TASK OBJECTIVE: Where in the records does the word "ratio" appear? Copy each line that holds it.

INPUT RECORDS:
--------------------------------
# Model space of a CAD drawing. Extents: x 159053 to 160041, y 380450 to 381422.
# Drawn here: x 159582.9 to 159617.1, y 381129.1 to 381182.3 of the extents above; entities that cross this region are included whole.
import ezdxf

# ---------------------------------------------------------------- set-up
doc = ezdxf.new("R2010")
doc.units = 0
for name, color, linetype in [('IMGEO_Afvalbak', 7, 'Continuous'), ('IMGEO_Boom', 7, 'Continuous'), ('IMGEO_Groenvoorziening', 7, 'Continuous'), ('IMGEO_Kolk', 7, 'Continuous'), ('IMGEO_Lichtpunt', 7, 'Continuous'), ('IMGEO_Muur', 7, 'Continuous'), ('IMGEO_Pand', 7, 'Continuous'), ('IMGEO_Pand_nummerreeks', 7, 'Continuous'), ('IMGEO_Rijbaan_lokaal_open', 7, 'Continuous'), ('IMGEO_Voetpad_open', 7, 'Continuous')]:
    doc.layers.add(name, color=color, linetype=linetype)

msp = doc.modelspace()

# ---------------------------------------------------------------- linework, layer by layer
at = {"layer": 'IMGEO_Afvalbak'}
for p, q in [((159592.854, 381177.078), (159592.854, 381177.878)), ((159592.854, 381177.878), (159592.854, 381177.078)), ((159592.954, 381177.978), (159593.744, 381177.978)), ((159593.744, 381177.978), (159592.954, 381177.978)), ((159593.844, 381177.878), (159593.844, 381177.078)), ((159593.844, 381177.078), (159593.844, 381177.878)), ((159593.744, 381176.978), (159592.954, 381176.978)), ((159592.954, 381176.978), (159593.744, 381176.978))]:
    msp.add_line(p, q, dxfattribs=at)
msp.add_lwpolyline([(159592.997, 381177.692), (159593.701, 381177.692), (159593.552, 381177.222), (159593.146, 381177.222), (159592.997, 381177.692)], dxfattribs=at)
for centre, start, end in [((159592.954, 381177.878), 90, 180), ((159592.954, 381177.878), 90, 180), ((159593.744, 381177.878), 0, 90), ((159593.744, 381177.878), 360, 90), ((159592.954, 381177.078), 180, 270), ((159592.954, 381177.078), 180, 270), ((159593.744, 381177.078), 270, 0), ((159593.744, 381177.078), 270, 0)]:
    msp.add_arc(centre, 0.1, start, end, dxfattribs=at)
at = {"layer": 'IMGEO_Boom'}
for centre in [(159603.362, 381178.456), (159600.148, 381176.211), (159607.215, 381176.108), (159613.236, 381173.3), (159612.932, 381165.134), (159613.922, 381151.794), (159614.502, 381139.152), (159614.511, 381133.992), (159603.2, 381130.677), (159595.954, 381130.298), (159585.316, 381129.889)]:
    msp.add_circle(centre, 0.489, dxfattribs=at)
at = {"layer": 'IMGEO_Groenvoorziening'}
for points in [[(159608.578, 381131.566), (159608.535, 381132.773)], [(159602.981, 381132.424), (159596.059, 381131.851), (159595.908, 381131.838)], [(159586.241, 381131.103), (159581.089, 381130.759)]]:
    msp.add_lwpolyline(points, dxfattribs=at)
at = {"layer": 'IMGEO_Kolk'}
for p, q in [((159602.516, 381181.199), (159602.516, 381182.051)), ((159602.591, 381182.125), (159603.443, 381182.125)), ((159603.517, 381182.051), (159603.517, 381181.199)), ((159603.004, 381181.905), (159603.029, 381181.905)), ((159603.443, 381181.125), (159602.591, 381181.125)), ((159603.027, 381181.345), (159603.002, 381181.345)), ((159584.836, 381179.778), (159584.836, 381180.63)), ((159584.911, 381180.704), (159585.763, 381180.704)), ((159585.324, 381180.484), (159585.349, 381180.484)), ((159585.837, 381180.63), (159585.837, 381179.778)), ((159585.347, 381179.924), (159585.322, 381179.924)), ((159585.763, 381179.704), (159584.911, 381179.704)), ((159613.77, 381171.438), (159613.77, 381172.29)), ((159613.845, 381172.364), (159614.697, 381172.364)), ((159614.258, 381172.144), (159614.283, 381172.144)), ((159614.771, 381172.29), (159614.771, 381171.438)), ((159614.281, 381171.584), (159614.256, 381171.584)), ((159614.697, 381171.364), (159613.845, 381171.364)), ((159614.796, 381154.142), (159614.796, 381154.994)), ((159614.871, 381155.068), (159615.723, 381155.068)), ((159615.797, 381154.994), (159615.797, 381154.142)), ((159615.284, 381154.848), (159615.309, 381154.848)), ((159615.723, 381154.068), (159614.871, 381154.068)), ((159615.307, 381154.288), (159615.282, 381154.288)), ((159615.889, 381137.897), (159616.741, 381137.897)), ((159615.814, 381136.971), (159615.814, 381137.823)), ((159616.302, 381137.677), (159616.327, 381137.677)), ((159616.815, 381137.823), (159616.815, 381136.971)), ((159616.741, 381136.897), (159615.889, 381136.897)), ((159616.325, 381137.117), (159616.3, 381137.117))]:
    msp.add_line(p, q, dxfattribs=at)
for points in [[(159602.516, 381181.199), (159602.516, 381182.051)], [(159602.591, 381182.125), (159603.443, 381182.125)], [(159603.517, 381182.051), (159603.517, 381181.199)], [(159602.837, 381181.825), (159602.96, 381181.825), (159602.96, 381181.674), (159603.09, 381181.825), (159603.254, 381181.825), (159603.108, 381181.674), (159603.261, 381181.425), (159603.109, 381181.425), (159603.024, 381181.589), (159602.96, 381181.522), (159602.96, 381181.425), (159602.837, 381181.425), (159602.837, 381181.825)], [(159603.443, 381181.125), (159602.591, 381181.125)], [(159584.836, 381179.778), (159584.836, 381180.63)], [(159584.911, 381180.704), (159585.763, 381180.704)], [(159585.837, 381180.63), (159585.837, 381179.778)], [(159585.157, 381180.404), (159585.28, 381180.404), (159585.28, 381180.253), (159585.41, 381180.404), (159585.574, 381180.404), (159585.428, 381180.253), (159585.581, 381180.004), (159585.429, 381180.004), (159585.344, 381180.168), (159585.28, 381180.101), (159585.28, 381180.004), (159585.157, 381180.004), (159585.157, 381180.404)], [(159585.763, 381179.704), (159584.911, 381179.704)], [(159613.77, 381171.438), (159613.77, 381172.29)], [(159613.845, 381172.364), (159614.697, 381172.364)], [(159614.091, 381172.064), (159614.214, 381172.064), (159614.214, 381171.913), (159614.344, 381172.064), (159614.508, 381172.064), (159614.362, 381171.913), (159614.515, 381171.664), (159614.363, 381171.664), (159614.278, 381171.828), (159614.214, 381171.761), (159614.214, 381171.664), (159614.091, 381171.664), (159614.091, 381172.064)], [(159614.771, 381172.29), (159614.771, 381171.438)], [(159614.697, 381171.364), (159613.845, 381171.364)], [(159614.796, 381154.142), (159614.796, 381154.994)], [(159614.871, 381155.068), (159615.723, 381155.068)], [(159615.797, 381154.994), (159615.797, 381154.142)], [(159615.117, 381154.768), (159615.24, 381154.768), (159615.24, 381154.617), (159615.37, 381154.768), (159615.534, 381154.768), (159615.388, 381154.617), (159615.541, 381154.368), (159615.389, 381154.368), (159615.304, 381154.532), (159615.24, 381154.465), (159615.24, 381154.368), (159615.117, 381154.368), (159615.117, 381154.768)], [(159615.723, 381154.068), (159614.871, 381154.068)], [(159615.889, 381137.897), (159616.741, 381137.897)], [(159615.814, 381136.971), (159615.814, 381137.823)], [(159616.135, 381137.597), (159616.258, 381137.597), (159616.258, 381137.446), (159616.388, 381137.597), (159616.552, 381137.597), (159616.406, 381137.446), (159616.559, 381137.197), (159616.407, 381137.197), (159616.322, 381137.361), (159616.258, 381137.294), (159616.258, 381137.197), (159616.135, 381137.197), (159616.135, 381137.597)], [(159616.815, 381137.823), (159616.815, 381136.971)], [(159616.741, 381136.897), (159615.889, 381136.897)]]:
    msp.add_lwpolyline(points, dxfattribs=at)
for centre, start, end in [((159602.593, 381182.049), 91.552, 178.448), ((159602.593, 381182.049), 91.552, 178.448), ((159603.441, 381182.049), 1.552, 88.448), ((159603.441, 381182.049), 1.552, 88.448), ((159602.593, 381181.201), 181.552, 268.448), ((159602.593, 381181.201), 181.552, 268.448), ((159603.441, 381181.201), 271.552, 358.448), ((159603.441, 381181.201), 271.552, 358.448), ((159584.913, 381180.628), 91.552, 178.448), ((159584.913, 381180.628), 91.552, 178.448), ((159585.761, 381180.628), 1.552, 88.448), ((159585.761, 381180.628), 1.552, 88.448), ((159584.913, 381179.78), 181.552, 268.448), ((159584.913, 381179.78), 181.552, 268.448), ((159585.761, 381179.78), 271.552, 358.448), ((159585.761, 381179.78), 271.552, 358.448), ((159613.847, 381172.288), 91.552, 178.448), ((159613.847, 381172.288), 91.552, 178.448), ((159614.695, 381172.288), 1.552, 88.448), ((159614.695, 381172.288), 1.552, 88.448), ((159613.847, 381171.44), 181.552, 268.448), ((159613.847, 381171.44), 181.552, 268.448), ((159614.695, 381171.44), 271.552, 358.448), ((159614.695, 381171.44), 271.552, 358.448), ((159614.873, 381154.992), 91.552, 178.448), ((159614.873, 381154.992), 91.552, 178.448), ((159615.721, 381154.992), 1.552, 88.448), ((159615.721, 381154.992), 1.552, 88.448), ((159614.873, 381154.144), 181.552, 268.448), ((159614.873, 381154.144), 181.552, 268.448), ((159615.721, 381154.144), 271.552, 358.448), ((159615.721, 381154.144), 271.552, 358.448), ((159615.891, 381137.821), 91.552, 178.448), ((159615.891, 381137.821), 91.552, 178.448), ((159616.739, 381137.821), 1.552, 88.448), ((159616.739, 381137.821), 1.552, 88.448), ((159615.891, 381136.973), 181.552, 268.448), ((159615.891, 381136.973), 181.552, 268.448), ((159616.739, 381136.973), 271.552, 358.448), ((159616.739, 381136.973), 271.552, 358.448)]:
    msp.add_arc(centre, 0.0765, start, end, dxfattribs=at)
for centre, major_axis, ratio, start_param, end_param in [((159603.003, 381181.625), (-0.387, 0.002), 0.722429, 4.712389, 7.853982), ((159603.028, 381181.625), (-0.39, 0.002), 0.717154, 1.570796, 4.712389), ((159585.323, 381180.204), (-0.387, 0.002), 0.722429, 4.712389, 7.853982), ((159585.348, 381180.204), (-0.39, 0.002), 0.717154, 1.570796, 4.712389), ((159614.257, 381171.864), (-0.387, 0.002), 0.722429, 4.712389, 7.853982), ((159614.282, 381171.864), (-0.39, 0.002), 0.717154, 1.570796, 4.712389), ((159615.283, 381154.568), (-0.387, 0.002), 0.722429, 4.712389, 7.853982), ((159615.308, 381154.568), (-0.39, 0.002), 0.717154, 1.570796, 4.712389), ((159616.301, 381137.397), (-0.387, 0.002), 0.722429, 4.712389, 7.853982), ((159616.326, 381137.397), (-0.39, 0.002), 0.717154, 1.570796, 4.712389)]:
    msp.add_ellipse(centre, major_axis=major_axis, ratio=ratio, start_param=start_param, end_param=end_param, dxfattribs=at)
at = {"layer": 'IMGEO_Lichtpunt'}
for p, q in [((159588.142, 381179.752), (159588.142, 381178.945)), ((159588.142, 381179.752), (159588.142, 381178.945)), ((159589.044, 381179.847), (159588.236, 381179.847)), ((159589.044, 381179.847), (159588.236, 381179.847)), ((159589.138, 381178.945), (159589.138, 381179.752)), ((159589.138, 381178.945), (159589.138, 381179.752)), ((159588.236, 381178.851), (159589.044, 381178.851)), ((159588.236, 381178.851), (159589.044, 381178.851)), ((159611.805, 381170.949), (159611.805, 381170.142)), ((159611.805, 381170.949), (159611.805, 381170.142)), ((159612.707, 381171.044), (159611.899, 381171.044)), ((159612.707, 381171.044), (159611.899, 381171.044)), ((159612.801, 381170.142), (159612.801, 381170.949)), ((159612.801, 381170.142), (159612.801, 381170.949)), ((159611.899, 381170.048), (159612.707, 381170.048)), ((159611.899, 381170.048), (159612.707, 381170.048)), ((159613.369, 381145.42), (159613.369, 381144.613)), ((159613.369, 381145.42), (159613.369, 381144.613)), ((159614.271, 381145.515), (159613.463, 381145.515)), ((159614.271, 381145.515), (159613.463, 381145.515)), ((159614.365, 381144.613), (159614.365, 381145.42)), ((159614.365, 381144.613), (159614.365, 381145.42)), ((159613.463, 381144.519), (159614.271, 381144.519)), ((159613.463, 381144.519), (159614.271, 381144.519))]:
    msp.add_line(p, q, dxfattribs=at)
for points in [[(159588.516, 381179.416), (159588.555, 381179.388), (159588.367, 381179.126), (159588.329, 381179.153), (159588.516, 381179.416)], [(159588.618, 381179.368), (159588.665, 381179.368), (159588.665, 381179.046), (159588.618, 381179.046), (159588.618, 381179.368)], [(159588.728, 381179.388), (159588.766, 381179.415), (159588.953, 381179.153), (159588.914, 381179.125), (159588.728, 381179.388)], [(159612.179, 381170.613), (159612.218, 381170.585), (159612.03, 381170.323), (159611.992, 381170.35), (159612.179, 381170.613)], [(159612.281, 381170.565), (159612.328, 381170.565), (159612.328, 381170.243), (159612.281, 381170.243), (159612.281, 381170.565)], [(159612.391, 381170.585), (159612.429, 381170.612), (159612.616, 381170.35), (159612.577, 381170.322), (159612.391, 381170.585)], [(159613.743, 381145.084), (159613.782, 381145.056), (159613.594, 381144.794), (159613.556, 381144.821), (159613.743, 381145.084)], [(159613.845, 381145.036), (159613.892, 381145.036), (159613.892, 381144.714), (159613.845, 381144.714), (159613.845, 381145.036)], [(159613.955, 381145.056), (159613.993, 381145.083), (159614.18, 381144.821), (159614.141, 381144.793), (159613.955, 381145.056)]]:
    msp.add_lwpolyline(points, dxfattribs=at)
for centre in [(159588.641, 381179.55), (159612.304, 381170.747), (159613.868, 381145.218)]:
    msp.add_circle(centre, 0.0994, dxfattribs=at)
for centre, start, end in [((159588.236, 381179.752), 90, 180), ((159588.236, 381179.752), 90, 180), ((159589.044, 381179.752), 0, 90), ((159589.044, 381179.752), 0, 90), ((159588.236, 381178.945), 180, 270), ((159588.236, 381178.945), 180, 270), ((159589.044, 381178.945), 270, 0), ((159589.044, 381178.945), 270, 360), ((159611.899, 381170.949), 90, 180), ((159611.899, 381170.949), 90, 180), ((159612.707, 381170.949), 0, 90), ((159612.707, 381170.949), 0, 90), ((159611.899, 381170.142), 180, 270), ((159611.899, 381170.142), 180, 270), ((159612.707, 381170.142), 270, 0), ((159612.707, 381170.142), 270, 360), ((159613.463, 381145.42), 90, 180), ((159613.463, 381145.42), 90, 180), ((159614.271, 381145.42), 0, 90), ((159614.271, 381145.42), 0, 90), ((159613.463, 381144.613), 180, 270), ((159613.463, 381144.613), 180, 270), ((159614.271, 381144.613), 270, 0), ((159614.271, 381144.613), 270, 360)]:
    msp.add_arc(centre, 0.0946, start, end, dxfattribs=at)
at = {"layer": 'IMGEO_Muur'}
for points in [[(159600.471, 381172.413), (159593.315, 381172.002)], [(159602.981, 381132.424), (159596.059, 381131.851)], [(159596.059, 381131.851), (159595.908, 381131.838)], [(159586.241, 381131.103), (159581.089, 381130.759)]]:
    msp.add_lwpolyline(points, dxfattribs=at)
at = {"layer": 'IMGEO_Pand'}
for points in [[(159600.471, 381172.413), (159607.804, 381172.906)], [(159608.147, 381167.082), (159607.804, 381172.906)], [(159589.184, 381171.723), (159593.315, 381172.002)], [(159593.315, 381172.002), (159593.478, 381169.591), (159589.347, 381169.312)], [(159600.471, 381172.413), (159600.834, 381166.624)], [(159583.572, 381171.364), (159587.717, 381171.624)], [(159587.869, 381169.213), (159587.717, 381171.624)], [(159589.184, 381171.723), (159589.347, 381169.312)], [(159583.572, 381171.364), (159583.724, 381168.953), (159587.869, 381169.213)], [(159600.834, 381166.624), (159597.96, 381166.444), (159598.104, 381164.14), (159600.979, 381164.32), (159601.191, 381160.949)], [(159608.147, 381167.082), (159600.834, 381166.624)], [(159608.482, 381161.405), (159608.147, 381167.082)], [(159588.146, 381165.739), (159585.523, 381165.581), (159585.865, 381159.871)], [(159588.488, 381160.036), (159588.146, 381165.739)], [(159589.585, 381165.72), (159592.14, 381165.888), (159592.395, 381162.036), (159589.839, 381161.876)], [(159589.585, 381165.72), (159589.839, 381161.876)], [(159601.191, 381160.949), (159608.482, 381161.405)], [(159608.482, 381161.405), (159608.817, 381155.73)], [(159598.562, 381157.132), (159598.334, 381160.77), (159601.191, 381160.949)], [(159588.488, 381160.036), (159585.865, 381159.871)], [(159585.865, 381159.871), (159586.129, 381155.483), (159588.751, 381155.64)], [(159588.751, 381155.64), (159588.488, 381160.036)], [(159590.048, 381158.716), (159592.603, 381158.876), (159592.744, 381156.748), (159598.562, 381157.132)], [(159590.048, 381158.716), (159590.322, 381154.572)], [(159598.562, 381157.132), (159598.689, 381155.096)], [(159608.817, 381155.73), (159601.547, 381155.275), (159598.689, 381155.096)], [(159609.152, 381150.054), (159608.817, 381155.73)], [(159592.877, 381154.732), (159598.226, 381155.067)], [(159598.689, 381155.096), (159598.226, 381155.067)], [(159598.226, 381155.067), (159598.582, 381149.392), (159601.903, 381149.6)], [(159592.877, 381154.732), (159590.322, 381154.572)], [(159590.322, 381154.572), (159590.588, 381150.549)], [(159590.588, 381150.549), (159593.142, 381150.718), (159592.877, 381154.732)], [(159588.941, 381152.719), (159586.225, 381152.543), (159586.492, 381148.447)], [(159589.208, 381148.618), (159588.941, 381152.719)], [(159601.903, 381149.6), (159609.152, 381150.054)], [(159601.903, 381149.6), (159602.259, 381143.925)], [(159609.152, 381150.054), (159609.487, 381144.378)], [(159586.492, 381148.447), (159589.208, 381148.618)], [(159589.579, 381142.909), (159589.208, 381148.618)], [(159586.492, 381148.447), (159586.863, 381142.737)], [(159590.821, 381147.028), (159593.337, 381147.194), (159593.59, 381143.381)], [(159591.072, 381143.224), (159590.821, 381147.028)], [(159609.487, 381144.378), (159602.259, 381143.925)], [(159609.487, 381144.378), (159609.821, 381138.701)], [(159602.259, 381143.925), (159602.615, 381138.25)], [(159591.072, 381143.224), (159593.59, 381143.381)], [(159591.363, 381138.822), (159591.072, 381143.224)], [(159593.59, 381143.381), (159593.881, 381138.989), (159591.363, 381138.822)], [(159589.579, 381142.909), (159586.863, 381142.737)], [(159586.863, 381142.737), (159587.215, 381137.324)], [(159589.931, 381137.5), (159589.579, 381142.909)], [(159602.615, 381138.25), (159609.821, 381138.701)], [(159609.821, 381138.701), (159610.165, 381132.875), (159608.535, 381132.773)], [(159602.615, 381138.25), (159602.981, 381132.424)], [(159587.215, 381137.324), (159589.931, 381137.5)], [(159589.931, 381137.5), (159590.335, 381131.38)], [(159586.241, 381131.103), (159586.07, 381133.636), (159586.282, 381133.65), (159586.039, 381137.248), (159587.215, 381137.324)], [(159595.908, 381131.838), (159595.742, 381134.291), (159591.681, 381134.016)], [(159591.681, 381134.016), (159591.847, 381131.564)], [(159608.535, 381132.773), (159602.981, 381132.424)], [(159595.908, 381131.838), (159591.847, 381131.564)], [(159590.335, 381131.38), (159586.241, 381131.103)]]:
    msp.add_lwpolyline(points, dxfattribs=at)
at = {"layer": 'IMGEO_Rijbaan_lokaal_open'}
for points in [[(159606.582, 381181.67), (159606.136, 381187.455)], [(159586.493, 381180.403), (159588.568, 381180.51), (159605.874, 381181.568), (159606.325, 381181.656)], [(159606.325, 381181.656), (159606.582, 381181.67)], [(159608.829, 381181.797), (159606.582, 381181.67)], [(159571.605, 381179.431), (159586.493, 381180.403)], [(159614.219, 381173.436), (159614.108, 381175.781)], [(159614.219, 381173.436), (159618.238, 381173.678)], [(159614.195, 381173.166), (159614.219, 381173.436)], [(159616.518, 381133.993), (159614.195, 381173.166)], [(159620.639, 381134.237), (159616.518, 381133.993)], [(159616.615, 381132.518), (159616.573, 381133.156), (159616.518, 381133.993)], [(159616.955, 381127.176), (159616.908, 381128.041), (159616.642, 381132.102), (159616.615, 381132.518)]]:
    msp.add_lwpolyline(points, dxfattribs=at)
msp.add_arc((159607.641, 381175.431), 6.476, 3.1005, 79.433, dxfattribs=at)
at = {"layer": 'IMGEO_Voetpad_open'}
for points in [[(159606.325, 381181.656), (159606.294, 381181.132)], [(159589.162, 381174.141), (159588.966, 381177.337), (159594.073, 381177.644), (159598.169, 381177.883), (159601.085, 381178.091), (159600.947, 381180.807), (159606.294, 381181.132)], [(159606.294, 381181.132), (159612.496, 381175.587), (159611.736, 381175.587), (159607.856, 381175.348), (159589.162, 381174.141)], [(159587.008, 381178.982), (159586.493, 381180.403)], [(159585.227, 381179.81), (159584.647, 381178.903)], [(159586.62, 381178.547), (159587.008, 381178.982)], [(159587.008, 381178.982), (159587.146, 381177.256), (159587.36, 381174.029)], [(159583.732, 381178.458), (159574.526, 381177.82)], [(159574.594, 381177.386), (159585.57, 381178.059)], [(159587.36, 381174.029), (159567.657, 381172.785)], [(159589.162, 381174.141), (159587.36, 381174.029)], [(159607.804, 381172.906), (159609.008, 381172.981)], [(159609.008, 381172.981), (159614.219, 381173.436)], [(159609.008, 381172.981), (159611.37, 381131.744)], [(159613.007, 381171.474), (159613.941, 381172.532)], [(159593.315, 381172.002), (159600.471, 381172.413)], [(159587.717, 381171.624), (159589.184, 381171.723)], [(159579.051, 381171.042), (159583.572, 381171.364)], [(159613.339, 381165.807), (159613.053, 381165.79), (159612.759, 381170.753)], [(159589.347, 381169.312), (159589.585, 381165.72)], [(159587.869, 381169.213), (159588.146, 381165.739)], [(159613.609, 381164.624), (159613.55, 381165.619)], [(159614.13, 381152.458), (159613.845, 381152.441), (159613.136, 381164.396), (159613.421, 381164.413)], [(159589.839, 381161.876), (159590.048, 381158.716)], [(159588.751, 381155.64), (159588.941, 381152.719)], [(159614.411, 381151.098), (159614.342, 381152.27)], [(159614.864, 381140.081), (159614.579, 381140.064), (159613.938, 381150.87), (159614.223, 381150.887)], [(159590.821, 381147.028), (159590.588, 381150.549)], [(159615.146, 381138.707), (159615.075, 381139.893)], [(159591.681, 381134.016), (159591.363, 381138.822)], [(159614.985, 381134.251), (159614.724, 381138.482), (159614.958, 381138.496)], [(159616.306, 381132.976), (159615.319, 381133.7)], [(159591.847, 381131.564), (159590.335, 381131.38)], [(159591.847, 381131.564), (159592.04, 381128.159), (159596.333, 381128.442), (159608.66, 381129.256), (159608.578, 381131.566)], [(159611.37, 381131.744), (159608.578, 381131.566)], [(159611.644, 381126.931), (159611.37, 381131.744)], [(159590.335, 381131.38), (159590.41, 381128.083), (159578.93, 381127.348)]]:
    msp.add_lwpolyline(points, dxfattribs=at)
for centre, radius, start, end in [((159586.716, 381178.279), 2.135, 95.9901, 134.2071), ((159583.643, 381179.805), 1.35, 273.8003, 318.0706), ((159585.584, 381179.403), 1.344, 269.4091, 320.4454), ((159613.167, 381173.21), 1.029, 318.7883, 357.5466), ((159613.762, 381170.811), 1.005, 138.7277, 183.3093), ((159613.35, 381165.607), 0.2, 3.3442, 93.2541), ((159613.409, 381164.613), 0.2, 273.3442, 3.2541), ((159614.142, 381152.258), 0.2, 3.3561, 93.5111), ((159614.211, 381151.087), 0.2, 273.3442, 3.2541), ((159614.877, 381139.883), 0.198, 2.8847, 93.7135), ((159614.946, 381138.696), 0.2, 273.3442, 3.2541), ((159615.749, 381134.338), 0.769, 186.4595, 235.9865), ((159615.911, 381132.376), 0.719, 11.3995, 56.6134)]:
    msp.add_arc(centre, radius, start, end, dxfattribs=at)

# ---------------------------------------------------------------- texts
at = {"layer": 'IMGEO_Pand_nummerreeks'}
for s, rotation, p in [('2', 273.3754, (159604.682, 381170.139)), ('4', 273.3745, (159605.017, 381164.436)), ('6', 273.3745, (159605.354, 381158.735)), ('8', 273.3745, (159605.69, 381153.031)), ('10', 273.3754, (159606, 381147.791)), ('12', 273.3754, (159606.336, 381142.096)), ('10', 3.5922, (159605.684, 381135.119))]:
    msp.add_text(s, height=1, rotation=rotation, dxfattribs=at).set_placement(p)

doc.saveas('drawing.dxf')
--------------------------------
RESPONSE BELOW:
for centre, major_axis, ratio, start_param, end_param in [((159603.003, 381181.625), (-0.387, 0.002), 0.722429, 4.712389, 7.853982), ((159603.028, 381181.625), (-0.39, 0.002), 0.717154, 1.570796, 4.712389), ((159585.323, 381180.204), (-0.387, 0.002), 0.722429, 4.712389, 7.853982), ((159585.348, 381180.204), (-0.39, 0.002), 0.717154, 1.570796, 4.712389), ((159614.257, 381171.864), (-0.387, 0.002), 0.722429, 4.712389, 7.853982), ((159614.282, 381171.864), (-0.39, 0.002), 0.717154, 1.570796, 4.712389), ((159615.283, 381154.568), (-0.387, 0.002), 0.722429, 4.712389, 7.853982), ((159615.308, 381154.568), (-0.39, 0.002), 0.717154, 1.570796, 4.712389), ((159616.301, 381137.397), (-0.387, 0.002), 0.722429, 4.712389, 7.853982), ((159616.326, 381137.397), (-0.39, 0.002), 0.717154, 1.570796, 4.712389)]:
    msp.add_ellipse(centre, major_axis=major_axis, ratio=ratio, start_param=start_param, end_param=end_param, dxfattribs=at)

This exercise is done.